The Will of Sue

Background

In this case you have a 40-year-old women named Sue Rodriguez how was diagnosed with amyotrophic lateral sclerosis in 1991 and in 1993 she was given estimation that she had roughly two-fourteen months to live. As her prognosis was that she would soon lose the ability to swallow, speak, walk and move with out assistance. In addition she would eventually lose her ability to breathe on her own with out the help of a respirator. As her illness progressed Sues abilities began to deteriorate, and she began wishing to maintain control over how and why she would die.   Ultimately, Sue petitions to allow a medical practitioner set up technological means which she might, by her own hand, at the time of her choosing, end her life.

 

Dilemma

This case raises multiple concerns. One would be addressing the if assisted suicide should be legal or not. That it is not legal discriminates against those who are dying but physically unable to commit suicide without assistance. As Sue’s illness has began compromising her quality of life her desire to end her life and maintain control over her body a doctor’s obligation to nonmaleficence. The bigger picture is the issue of whether a patient’s autonomy is more important than or maleficence.

 

Analysis

I find it for religious reasons not acceptable for the doctor to support Sue’s wishes to end her own life. From a moral stand point I don’t believe it is the doctors responsibility to make the decision to aiding to helping an individual end their life. While the case discusses that assisted suicide is unwarranted because of accessibility to proper pain administration this presents a conflict with as if the doctor administers drugs that will result in death instead of pain med, the doctor is essentially causing more harm than healing. As discussed in Beauchamp and Childress, “Killing is unjustified when it deprives the person who dies of opportunities and goods. However, if a person freely authorizes death, making an autonomous judgment that cessation of pain and suffering through death constitutes a personal benefit rather than a setback to interests, then active aid-in-dying at the person’s request involves neither harming nor wronging” (Beauchamp and Childress 182). Which seems to justify Sue’s request, as Sue is competent and is making the autonomous decision to die. In conclusion, I do agree that that assisted suicide breaches human life standards and is not something that is to be compromised just because a human being request to terminate one’s own life.

 

 

Works Cited

Beauchamp, Tom L., James F. Childress. Principles of Biomedical Ethics. 7th ed. N.p.: Oxford University Press, 2012. Print.

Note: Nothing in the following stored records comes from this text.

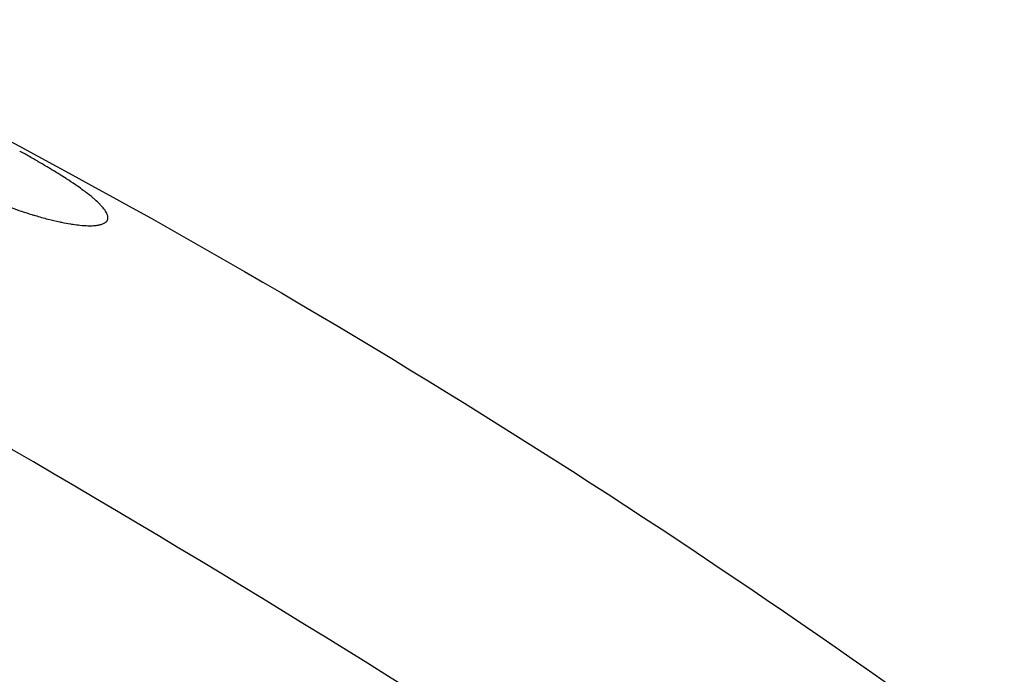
# Model space of a CAD drawing. Header units: millimetres. Extents: x 0 to 4378, y 0 to 2376.
# Tile 296 of 299: x 2742 to 2780, y 2029 to 2055. Entities that reach past the tile are written whole.
import ezdxf

# ---------------------------------------------------------------- set-up
doc = ezdxf.new("R2010")
doc.units = ezdxf.units.MM
doc.header["$LTSCALE"] = 0.2
doc.layers.add('01_Object Line', color=4, linetype='Continuous')

# ---------------------------------------------------------------- blocks, each defined once
blk = doc.blocks.new('A$Ce83b9b79')
blk.add_ellipse((476.525, -243.602), major_axis=(546.731, -1294.814), ratio=0.308748, start_param=2.719238, end_param=2.808312)
blk.add_open_spline([(115.807, 1033.765), (131.73, 1025.725), (146.898, 1016.305), (160.676, 1006.182)], degree=3)
for points, knots in [([(125.606, 1027.236), (125.626, 1027.241), (125.645, 1027.245), (125.663, 1027.251), (125.699, 1027.261), (125.731, 1027.273), (125.759, 1027.287), (125.775, 1027.295), (125.79, 1027.303), (125.803, 1027.311), (125.828, 1027.327), (125.849, 1027.344), (125.866, 1027.361), (125.876, 1027.372), (125.884, 1027.383), (125.892, 1027.395), (125.905, 1027.416), (125.914, 1027.438), (125.92, 1027.46), (125.923, 1027.474), (125.925, 1027.488), (125.926, 1027.503), (125.927, 1027.529), (125.924, 1027.556), (125.918, 1027.584), (125.913, 1027.601), (125.908, 1027.619), (125.901, 1027.638), (125.89, 1027.668), (125.875, 1027.698), (125.857, 1027.73), (125.826, 1027.784), (125.786, 1027.84), (125.737, 1027.898), (125.709, 1027.932), (125.677, 1027.967), (125.643, 1028.003), (125.618, 1028.03), (125.59, 1028.058), (125.562, 1028.085), (125.506, 1028.139), (125.444, 1028.195), (125.377, 1028.252), (125.363, 1028.264), (125.348, 1028.276), (125.334, 1028.289), (125.25, 1028.359), (125.158, 1028.431), (125.06, 1028.505), (125.03, 1028.527), (125.001, 1028.549), (124.97, 1028.571), (124.899, 1028.623), (124.825, 1028.677), (124.747, 1028.731), (124.639, 1028.806), (124.524, 1028.883), (124.404, 1028.962), (124.371, 1028.983), (124.338, 1029.005), (124.305, 1029.026), (124.219, 1029.082), (124.13, 1029.138), (124.038, 1029.196), (123.978, 1029.233), (123.916, 1029.272), (123.853, 1029.31), (123.789, 1029.349), (123.725, 1029.388), (123.659, 1029.428), (123.535, 1029.502), (123.406, 1029.578), (123.273, 1029.656), (123.148, 1029.728), (123.019, 1029.803), (122.886, 1029.878), (122.825, 1029.913), (122.762, 1029.948), (122.699, 1029.984), (122.667, 1030.001), (122.635, 1030.019), (122.602, 1030.037), (122.57, 1030.055), (122.538, 1030.073), (122.505, 1030.091)], [0, 0, 0, 0, 0.015444, 0.015444, 0.015444, 0.047141, 0.047141, 0.047141, 0.065349, 0.065349, 0.065349, 0.098854, 0.098854, 0.098854, 0.118972, 0.118972, 0.118972, 0.155222, 0.155222, 0.155222, 0.177177, 0.177177, 0.177177, 0.216053, 0.216053, 0.216053, 0.240758, 0.240758, 0.240758, 0.280885, 0.280885, 0.280885, 0.349027, 0.349027, 0.349027, 0.389277, 0.389277, 0.389277, 0.419556, 0.419556, 0.419556, 0.478753, 0.478753, 0.478753, 0.491444, 0.491444, 0.491444, 0.563576, 0.563576, 0.563576, 0.58484, 0.58484, 0.58484, 0.634833, 0.634833, 0.634833, 0.704233, 0.704233, 0.704233, 0.722849, 0.722849, 0.722849, 0.770914, 0.770914, 0.770914, 0.802564, 0.802564, 0.802564, 0.834212, 0.834212, 0.834212, 0.893657, 0.893657, 0.893657, 0.948959, 0.948959, 0.948959, 0.974477, 0.974477, 0.974477, 0.987238, 0.987238, 0.987238, 1, 1, 1, 1]), ([(118.692, 1029.652), (118.816, 1029.57), (118.945, 1029.487), (119.079, 1029.405), (119.148, 1029.362), (119.217, 1029.32), (119.288, 1029.278), (119.359, 1029.236), (119.431, 1029.194), (119.505, 1029.152), (119.579, 1029.109), (119.654, 1029.067), (119.731, 1029.024), (119.807, 1028.982), (119.886, 1028.939), (119.965, 1028.897), (120.123, 1028.813), (120.287, 1028.729), (120.456, 1028.645), (120.539, 1028.604), (120.624, 1028.563), (120.71, 1028.522), (120.796, 1028.482), (120.883, 1028.441), (120.972, 1028.401), (120.988, 1028.393), (121.005, 1028.386), (121.021, 1028.378), (121.1, 1028.343), (121.179, 1028.308), (121.26, 1028.273), (121.34, 1028.238), (121.422, 1028.204), (121.504, 1028.169), (121.679, 1028.096), (121.86, 1028.024), (122.044, 1027.955), (122.088, 1027.938), (122.133, 1027.921), (122.178, 1027.905), (122.31, 1027.856), (122.444, 1027.808), (122.579, 1027.762), (122.711, 1027.718), (122.844, 1027.675), (122.977, 1027.633), (123.018, 1027.621), (123.06, 1027.608), (123.101, 1027.596), (123.267, 1027.546), (123.433, 1027.499), (123.596, 1027.457), (123.6, 1027.456), (123.604, 1027.455), (123.607, 1027.454), (123.761, 1027.415), (123.911, 1027.379), (124.056, 1027.348), (124.08, 1027.344), (124.103, 1027.339), (124.126, 1027.334), (124.246, 1027.309), (124.362, 1027.288), (124.472, 1027.27), (124.502, 1027.266), (124.531, 1027.261), (124.559, 1027.257), (124.658, 1027.242), (124.751, 1027.231), (124.838, 1027.222), (124.952, 1027.211), (125.056, 1027.204), (125.15, 1027.202), (125.175, 1027.201), (125.2, 1027.201), (125.225, 1027.201), (125.291, 1027.201), (125.351, 1027.203), (125.406, 1027.207), (125.428, 1027.209), (125.45, 1027.211), (125.471, 1027.214), (125.521, 1027.219), (125.566, 1027.227), (125.606, 1027.236)], [0, 0, 0, 0, 0.070535, 0.070535, 0.070535, 0.10639, 0.10639, 0.10639, 0.142243, 0.142243, 0.142243, 0.178336, 0.178336, 0.178336, 0.214428, 0.214428, 0.214428, 0.286315, 0.286315, 0.286315, 0.321679, 0.321679, 0.321679, 0.357041, 0.357041, 0.357041, 0.363627, 0.363627, 0.363627, 0.394727, 0.394727, 0.394727, 0.425825, 0.425825, 0.425825, 0.492031, 0.492031, 0.492031, 0.508093, 0.508093, 0.508093, 0.555163, 0.555163, 0.555163, 0.60098, 0.60098, 0.60098, 0.615123, 0.615123, 0.615123, 0.672233, 0.672233, 0.672233, 0.673495, 0.673495, 0.673495, 0.727118, 0.727118, 0.727118, 0.735685, 0.735685, 0.735685, 0.780715, 0.780715, 0.780715, 0.792693, 0.792693, 0.792693, 0.834077, 0.834077, 0.834077, 0.888123, 0.888123, 0.888123, 0.902942, 0.902942, 0.902942, 0.943352, 0.943352, 0.943352, 0.959913, 0.959913, 0.959913, 1, 1, 1, 1])]:
    blk.add_open_spline(points, degree=3, knots=knots)

msp = doc.modelspace()

# ---------------------------------------------------------------- block references
at = {"layer": '01_Object Line'}
msp.add_blockref('A$Ce83b9b79', (2619.305, 1019.576), dxfattribs=at)

doc.saveas('drawing.dxf')
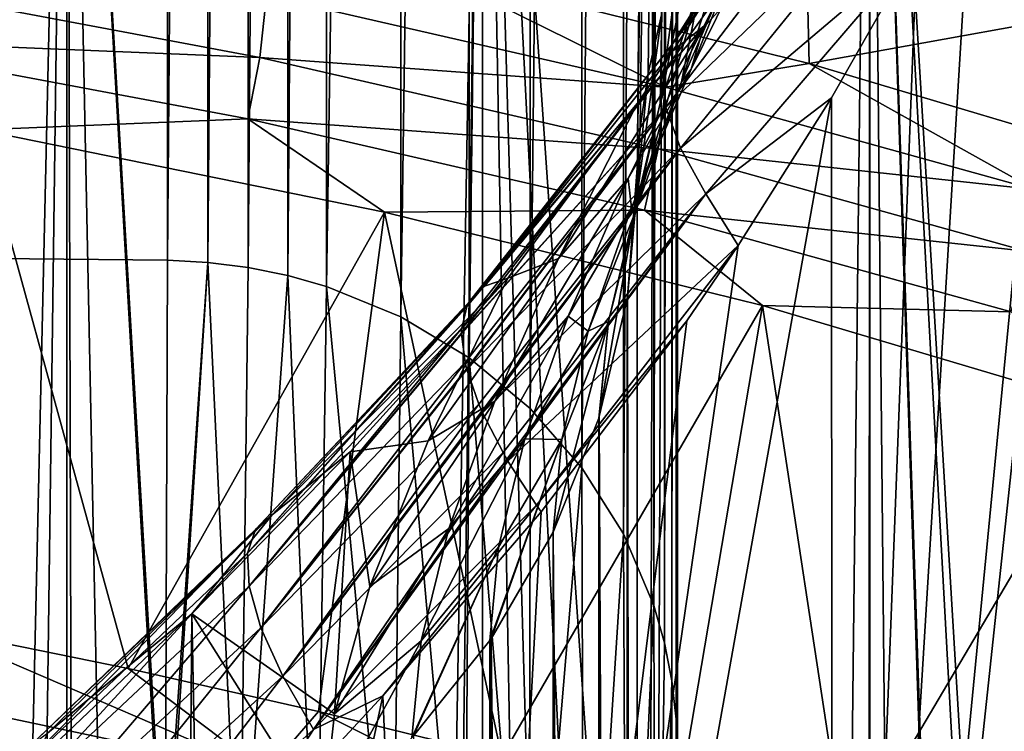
# Model space of a CAD drawing. Header units: millimetres. Extents: x -24 to 24, y 0 to 188.
# Tile 328 of 460: x 12.56 to 16.94, y 141.36 to 144.53. Entities that reach past the tile are written whole.
import ezdxf

# ---------------------------------------------------------------- set-up
doc = ezdxf.new("R2010")
doc.units = ezdxf.units.MM
doc.header["$LTSCALE"] = 58.620611
for name, color, linetype in [('157', 7, 'CONTINUOUS'), ('158', 7, 'CONTINUOUS'), ('159', 7, 'CONTINUOUS'), ('160', 7, 'CONTINUOUS'), ('165', 7, 'CONTINUOUS'), ('166', 7, 'CONTINUOUS'), ('169', 7, 'CONTINUOUS'), ('170', 7, 'CONTINUOUS'), ('181', 7, 'CONTINUOUS'), ('182', 7, 'CONTINUOUS'), ('183', 7, 'CONTINUOUS'), ('184', 7, 'CONTINUOUS'), ('194', 7, 'CONTINUOUS'), ('197', 7, 'CONTINUOUS'), ('201', 7, 'CONTINUOUS'), ('222', 7, 'CONTINUOUS'), ('31', 7, 'CONTINUOUS')]:
    doc.layers.add(name, color=color, linetype=linetype)

msp = doc.modelspace()

# ---------------------------------------------------------------- linework, layer by layer
at = {"layer": '157', "color": 7, "linetype": 'CONTINUOUS'}
for points in [[(13.5346, 140.4083, 117.4567), (13.2011, 140.4506, 117.4982), (13.3931, 143.4509, 126.8303), (13.5346, 140.4083, 117.4567)], [(13.3931, 143.4509, 126.8303), (13.2011, 140.4506, 117.4982), (13.2026, 140.6705, 118.1683), (13.3931, 143.4509, 126.8303)], [(13.2133, 143.4601, 126.8278), (13.3931, 143.4509, 126.8303), (13.2026, 140.6705, 118.1683), (13.2133, 143.4601, 126.8278)], [(13.5715, 143.4284, 126.8374), (13.5346, 140.4083, 117.4567), (13.3931, 143.4509, 126.8303), (13.5715, 143.4284, 126.8374)], [(13.7476, 143.3927, 126.8486), (13.5346, 140.4083, 117.4567), (13.5715, 143.4284, 126.8374), (13.7476, 143.3927, 126.8486)], [(13.8769, 140.3312, 117.4797), (13.5346, 140.4083, 117.4567), (13.7476, 143.3927, 126.8486), (13.8769, 140.3312, 117.4797)], [(13.9202, 143.344, 126.864), (13.8769, 140.3312, 117.4797), (13.7476, 143.3927, 126.8486), (13.9202, 143.344, 126.864)], [(14.2151, 140.1996, 117.5206), (13.8769, 140.3312, 117.4797), (13.9202, 143.344, 126.864), (14.2151, 140.1996, 117.5206)], [(14.2509, 143.2087, 126.9066), (14.2151, 140.1996, 117.5206), (13.9202, 143.344, 126.864), (14.2509, 143.2087, 126.9066)], [(14.5351, 140.0134, 117.5795), (14.2151, 140.1996, 117.5206), (14.2509, 143.2087, 126.9066), (14.5351, 140.0134, 117.5795)], [(14.5553, 143.026, 126.9643), (14.5351, 140.0134, 117.5795), (14.2509, 143.2087, 126.9066), (14.5553, 143.026, 126.9643)], [(14.8227, 139.7769, 117.6549), (14.5351, 140.0134, 117.5795), (14.5553, 143.026, 126.9643), (14.8227, 139.7769, 117.6549)], [(14.8262, 142.8002, 127.0355), (14.8227, 139.7769, 117.6549), (14.5553, 143.026, 126.9643), (14.8262, 142.8002, 127.0355)], [(15.0568, 142.5368, 127.1185), (14.8227, 139.7769, 117.6549), (14.8262, 142.8002, 127.0355), (15.0568, 142.5368, 127.1185)], [(15.0654, 139.4988, 117.7439), (14.8227, 139.7769, 117.6549), (15.0568, 142.5368, 127.1185), (15.0654, 139.4988, 117.7439)], [(15.2416, 142.2424, 127.2113), (15.0654, 139.4988, 117.7439), (15.0568, 142.5368, 127.1185), (15.2416, 142.2424, 127.2113)], [(15.2544, 139.191, 117.8428), (15.0654, 139.4988, 117.7439), (15.2416, 142.2424, 127.2113), (15.2544, 139.191, 117.8428)], [(15.3759, 141.9241, 127.3117), (15.2544, 139.191, 117.8428), (15.2416, 142.2424, 127.2113), (15.3759, 141.9241, 127.3117)], [(15.3857, 138.8672, 117.9468), (15.2544, 139.191, 117.8428), (15.3759, 141.9241, 127.3117), (15.3857, 138.8672, 117.9468)], [(15.4231, 141.7584, 127.3639), (15.3857, 138.8672, 117.9468), (15.3759, 141.9241, 127.3117), (15.4231, 141.7584, 127.3639)], [(15.4566, 141.5897, 127.4171), (15.3857, 138.8672, 117.9468), (15.4231, 141.7584, 127.3639), (15.4566, 141.5897, 127.4171)], [(15.4597, 138.541, 118.0517), (15.3857, 138.8672, 117.9468), (15.4566, 141.5897, 127.4171), (15.4597, 138.541, 118.0517)], [(15.4761, 141.4191, 127.4709), (15.4597, 138.541, 118.0517), (15.4566, 141.5897, 127.4171), (15.4761, 141.4191, 127.4709)], [(15.4597, 138.541, 118.0517), (15.4761, 141.4191, 127.4709), (15.4811, 138.4587, 118.8701), (15.4597, 138.541, 118.0517)], [(15.4761, 141.4191, 127.4709), (15.4816, 141.2475, 127.525), (15.4811, 138.4587, 118.8701), (15.4761, 141.4191, 127.4709)]]:
    msp.add_3dface(points, dxfattribs=at)
at = {"layer": '158', "color": 7, "linetype": 'CONTINUOUS'}
for points in [[(15.3028, 115.7859, 114.8969), (15.4816, 141.2475, 127.525), (15.4816, 163.3486, 197.6208), (15.3028, 115.7859, 114.8969)], [(15.3922, 153.5887, 200.7292), (15.3028, 115.7859, 114.8969), (15.4816, 163.3486, 197.6208), (15.3922, 153.5887, 200.7292)], [(15.3028, 143.8288, 203.8377), (15.3028, 115.7859, 114.8969), (15.3922, 153.5887, 200.7292), (15.3028, 143.8288, 203.8377)]]:
    msp.add_3dface(points, dxfattribs=at)
at = {"layer": '159', "color": 7, "linetype": 'CONTINUOUS'}
for points in [[(15.3028, 115.7859, 114.8969), (15.3028, 143.8288, 203.8377), (15.2588, 143.2967, 204.0054), (15.3028, 115.7859, 114.8969)], [(15.1339, 142.7647, 204.1732), (15.2573, 115.2448, 115.0676), (15.2573, 143.2877, 204.0083), (15.1339, 142.7647, 204.1732)], [(15.2573, 143.2877, 204.0083), (15.3028, 115.7859, 114.8969), (15.2588, 143.2967, 204.0054), (15.2573, 143.2877, 204.0083)], [(15.2573, 115.2448, 115.0676), (15.3028, 115.7859, 114.8969), (15.2573, 143.2877, 204.0083), (15.2573, 115.2448, 115.0676)], [(14.9282, 142.25, 204.3355), (15.1318, 114.7152, 115.2345), (15.1318, 142.7581, 204.1753), (14.9282, 142.25, 204.3355)], [(15.1318, 142.7581, 204.1753), (15.2573, 115.2448, 115.0676), (15.1339, 142.7647, 204.1732), (15.1318, 142.7581, 204.1753)], [(15.1318, 114.7152, 115.2345), (15.2573, 115.2448, 115.0676), (15.1318, 142.7581, 204.1753), (15.1318, 114.7152, 115.2345)], [(14.6522, 141.7764, 204.4848), (14.9287, 114.2081, 115.3944), (14.9282, 142.25, 204.3355), (14.6522, 141.7764, 204.4848)], [(14.9287, 114.2081, 115.3944), (15.1318, 114.7152, 115.2345), (14.9282, 142.25, 204.3355), (14.9287, 114.2081, 115.3944)], [(14.647, 141.7689, 204.4872), (14.6522, 113.7335, 115.5441), (14.6522, 141.7764, 204.4848), (14.647, 141.7689, 204.4872)], [(14.6522, 113.7335, 115.5441), (14.9287, 114.2081, 115.3944), (14.6522, 141.7764, 204.4848), (14.6522, 113.7335, 115.5441)], [(14.3078, 141.3441, 204.6211), (14.6522, 113.7335, 115.5441), (14.647, 141.7689, 204.4872), (14.3078, 141.3441, 204.6211)]]:
    msp.add_3dface(points, dxfattribs=at)
at = {"layer": '160', "color": 7, "linetype": 'CONTINUOUS'}
for points in [[(14.7266, 143.381, 209.962), (14.0261, 142.6084, 209.6072), (14.3729, 142.6566, 208.742), (14.7266, 143.381, 209.962)], [(14.3729, 142.6566, 208.742), (14.0261, 142.6084, 209.6072), (14.1133, 142.0087, 207.4528), (14.3729, 142.6566, 208.742)], [(14.0261, 142.6084, 209.6072), (13.321, 141.8865, 209.2753), (13.9552, 141.4425, 206.1128), (14.0261, 142.6084, 209.6072)], [(14.1133, 142.0087, 207.4528), (14.0261, 142.6084, 209.6072), (13.9552, 141.4425, 206.1128), (14.1133, 142.0087, 207.4528)], [(12.6135, 141.2142, 208.9662), (13.0788, 112.2764, 116.0035), (13.321, 141.8865, 209.2753), (12.6135, 141.2142, 208.9662)], [(13.0788, 112.2764, 116.0035), (13.9026, 112.9199, 115.8006), (13.321, 141.8865, 209.2753), (13.0788, 112.2764, 116.0035)], [(13.9026, 112.9199, 115.8006), (13.9026, 140.9628, 204.7413), (13.321, 141.8865, 209.2753), (13.9026, 112.9199, 115.8006)], [(13.321, 141.8865, 209.2753), (13.9026, 140.9628, 204.7413), (13.9552, 141.4425, 206.1128), (13.321, 141.8865, 209.2753)]]:
    msp.add_3dface(points, dxfattribs=at)
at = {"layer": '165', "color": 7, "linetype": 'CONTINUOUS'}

Thomas, John E., and Wilfrid J. Waluchow. Well and Good: A Case Study Approach to Health Care Ethics. 4th ed. Toronto: Broadview, 2014. Print.

One thought on “The Will of Sue

  1. Maleficence is defined by doing and action that causes harm. To you it seems that ending ones life is the ultimate harm and thus the physician should never chose death as a choice. I would disagree on this point in two was. First the ultimate harm is not always death. This can be seen with terminally ill cancer patients who are in excruciating amounts of pain. Yes you can save the body and prolong their life by a year maybe, but is it worth it for them to suffer through all that pain? They are not only being forced to wait for their death to come but also experience physical pain. Yes there is better pain management, but there is a limit to that. To me that would be far more cruel to subject a person to such pain against their will. If the patient is willing to keep living and try to live with the pain then I see no harm in administering treatment. But in this case Sue’s disease is terminal and degenerative. She herself has shown interest in deciding when to die because the pain she will go through is not worth it to simply prolong her life for a few months. The second issue is that how can a physician decide what harm will come to a patient. They themselves cannot make that choice because they are making a quality of life argument which as pointed out in PBE is very dangerous. If the physician is to always decide which harm is more harmful than another when the patient is in disagreement, then that opens up so many avenues of abuse. The physician is not the one undergoing the disease and unless they have experienced the disease first hand, which for terminal diseases is close to impossible, then they cannot fully comprehend what the patient is going through. In this way non-maleficence become far harder to define because we must ask who get’s to decide the quantity of harm or even define what harm is. Thus I would say to allow Sue to get her wish fulfilled.